Keywords: Albumin, Cabergoline, IVF outcome, Ovarian hyperstimulation syndrome
Introduction
Ovarian hyperstimulation syndrome (OHSS) is a dangerous iatrogenic complication of assisted reproductive techniques (ART) which may cause severe morbidity and even mortality [1].
From the first suggestion of intravenous (i.v.) human albumin (HA) use for the prevention of OHSS by Asch et al. until now, there have been conflicting findings. Some studies suggested a role for albumin in the prevention of OHSS [2–4]. However, in several recent studies the effect of HA was similar to a placebo [5, 6] and less than other preventive drugs [7–9]. A recent review article reported low evidence of benefit from i.v. albumin administration at the time of ovum pickup in the prevention or reduction of the incidence of severe OHSS in high-risk women undergoing ART cycles [10]. Despite the possible side effects (febrile reaction, allergic reaction, anaphylactic shock and risk of virus transmission) [5, 8] and unsatisfactory results of i.v. albumin, it is still commonly used for the prevention of OHSS in many ART units, including ours.
The exact etiology of OHSS is not clear, but evidence exist that vascular endothelial growth factor (VEGF), tumor necrosis factor alpha (TNF α), interleukin 2 and interleukin 6 contribute to the development of this syndrome [11] and administration of a dopamine agonist inhibits phosphorylation of the endothelial growth factor receptor-2 (VEGFR-2) [12]. Two studies have been performed to evaluate the efficacy of cabergoline (Cb2) as a dopamine antagonist in the rat model [12, 13]. Additionally, several studies in humans reported that Cb2 might provide a new, specific and non-toxic approach to the treatment of OHSS without altering angiogenesis [14–17]. According to previous studies optimal dosing, timing and duration of Cb2 administration are still unknown and further large randomized studies are needed to prove its usefulness in clinical practice. Therefore, we performed this randomized clinical trial to assess and compare HA with low-dose Cb2 in the prevention of OHSS in high-risk patients immediately after ovum pickup day.
Materials and methods
We designed a randomized clinical trial study to compare the efficiency of Cb2 and i.v. HA in the prevention of OHSS. The Institutional Review Board and Ethical Committee of Royan Institute approved this study. Patients signed informed consent forms before enrolling in the study.

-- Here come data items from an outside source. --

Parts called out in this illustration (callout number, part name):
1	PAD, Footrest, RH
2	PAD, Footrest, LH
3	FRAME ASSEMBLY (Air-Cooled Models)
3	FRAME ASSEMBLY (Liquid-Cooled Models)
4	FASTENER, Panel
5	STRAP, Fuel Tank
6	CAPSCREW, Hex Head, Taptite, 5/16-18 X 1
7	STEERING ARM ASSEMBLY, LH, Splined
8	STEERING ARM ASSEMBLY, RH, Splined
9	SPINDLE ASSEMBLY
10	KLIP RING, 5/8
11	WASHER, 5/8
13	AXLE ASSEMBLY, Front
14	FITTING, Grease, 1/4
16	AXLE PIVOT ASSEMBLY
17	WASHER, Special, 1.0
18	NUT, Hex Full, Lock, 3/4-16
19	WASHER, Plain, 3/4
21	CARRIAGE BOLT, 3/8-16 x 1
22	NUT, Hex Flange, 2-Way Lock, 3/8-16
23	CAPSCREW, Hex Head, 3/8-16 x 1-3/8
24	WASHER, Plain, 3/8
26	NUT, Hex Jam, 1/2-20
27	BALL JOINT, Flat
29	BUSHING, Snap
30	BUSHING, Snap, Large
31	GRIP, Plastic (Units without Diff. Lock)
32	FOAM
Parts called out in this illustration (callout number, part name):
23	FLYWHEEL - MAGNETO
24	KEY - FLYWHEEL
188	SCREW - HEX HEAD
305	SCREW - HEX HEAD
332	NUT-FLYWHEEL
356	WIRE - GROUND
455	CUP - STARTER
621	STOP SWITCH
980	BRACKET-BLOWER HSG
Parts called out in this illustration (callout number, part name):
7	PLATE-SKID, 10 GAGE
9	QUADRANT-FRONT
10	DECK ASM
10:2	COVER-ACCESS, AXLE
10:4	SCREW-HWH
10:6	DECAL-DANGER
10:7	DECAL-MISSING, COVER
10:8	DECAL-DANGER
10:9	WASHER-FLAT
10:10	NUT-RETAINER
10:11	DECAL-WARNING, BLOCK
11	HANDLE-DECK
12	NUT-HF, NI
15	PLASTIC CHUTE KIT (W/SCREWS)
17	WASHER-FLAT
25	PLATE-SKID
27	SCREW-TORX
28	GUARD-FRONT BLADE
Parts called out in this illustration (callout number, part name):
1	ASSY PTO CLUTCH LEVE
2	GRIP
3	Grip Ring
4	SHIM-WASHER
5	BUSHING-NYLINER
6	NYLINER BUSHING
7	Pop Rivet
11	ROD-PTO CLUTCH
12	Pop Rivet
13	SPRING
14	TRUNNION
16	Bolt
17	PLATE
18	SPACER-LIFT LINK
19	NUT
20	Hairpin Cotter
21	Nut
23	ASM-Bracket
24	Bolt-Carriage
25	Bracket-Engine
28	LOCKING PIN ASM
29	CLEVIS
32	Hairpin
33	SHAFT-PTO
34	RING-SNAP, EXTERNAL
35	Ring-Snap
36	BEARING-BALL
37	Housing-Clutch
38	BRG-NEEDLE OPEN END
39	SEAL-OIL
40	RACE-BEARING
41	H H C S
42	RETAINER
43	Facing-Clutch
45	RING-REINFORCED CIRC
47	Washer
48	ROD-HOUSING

Patients who entered the in-vitro fertilization (IVF) or IVF with intracytoplasmic sperm injection (ICSI) cycles at Royan Institute from June 2009 to December 2010 were evaluated for risk factors of severe OHSS. We defined risk factors for the development of OHSS as the existence of 20–30 follicles larger than 12 mm in diameter on the day of hCG administration, and retrieval of more than 20 oocytes. Coasting cases, women over the age of 37 years, those with a history of uterine surgery, submucosal and intramural fibromas larger than 5 cm, were excluded.
The stimulation protocol for all patients was performed according to the standard long protocol. Subcutaneous injections of Buserelin 500 μgr (Superfact; Aventis Pharma Deutshlan, Frankfurt, Germany) were started on the 21st day of their menstrual cycles. Down regulation was confirmed by the presence of a linear endometrium as seen on ultrasonography and suppressed ovaries by serum estradiol concentrations less than 50 pg/ml. Gonadotropin stimulation commenced 14 days after suppression and continued until at least two follicles ≥18 mm were detected. Recombinant human FSH (Gonal-F; Serono Laboratories Ltd., Geneva, Switzerland) was used for follicular stimulation in all cycles. Human chorionic gonadotropin (hCG; Choriomon; IBSA), 10000 IU, was injected intramuscularly and followed 34–36 h later by oocyte retrieval. Immediately after oocyte pickup, eligible patients were admitted to the recovery room. Patients were allocated into two groups by the Computer-based randomization method. To enroll the patient into the study, a midwife opened the sealed envelopes. Embryo culture and transfer procedures were carried out in the two groups using the same method. Luteal phase support was provided by vaginal progesterone (Aburaihan Co., Tehran, Iran), 400 mg twice a day, until the day of β-hCG assay.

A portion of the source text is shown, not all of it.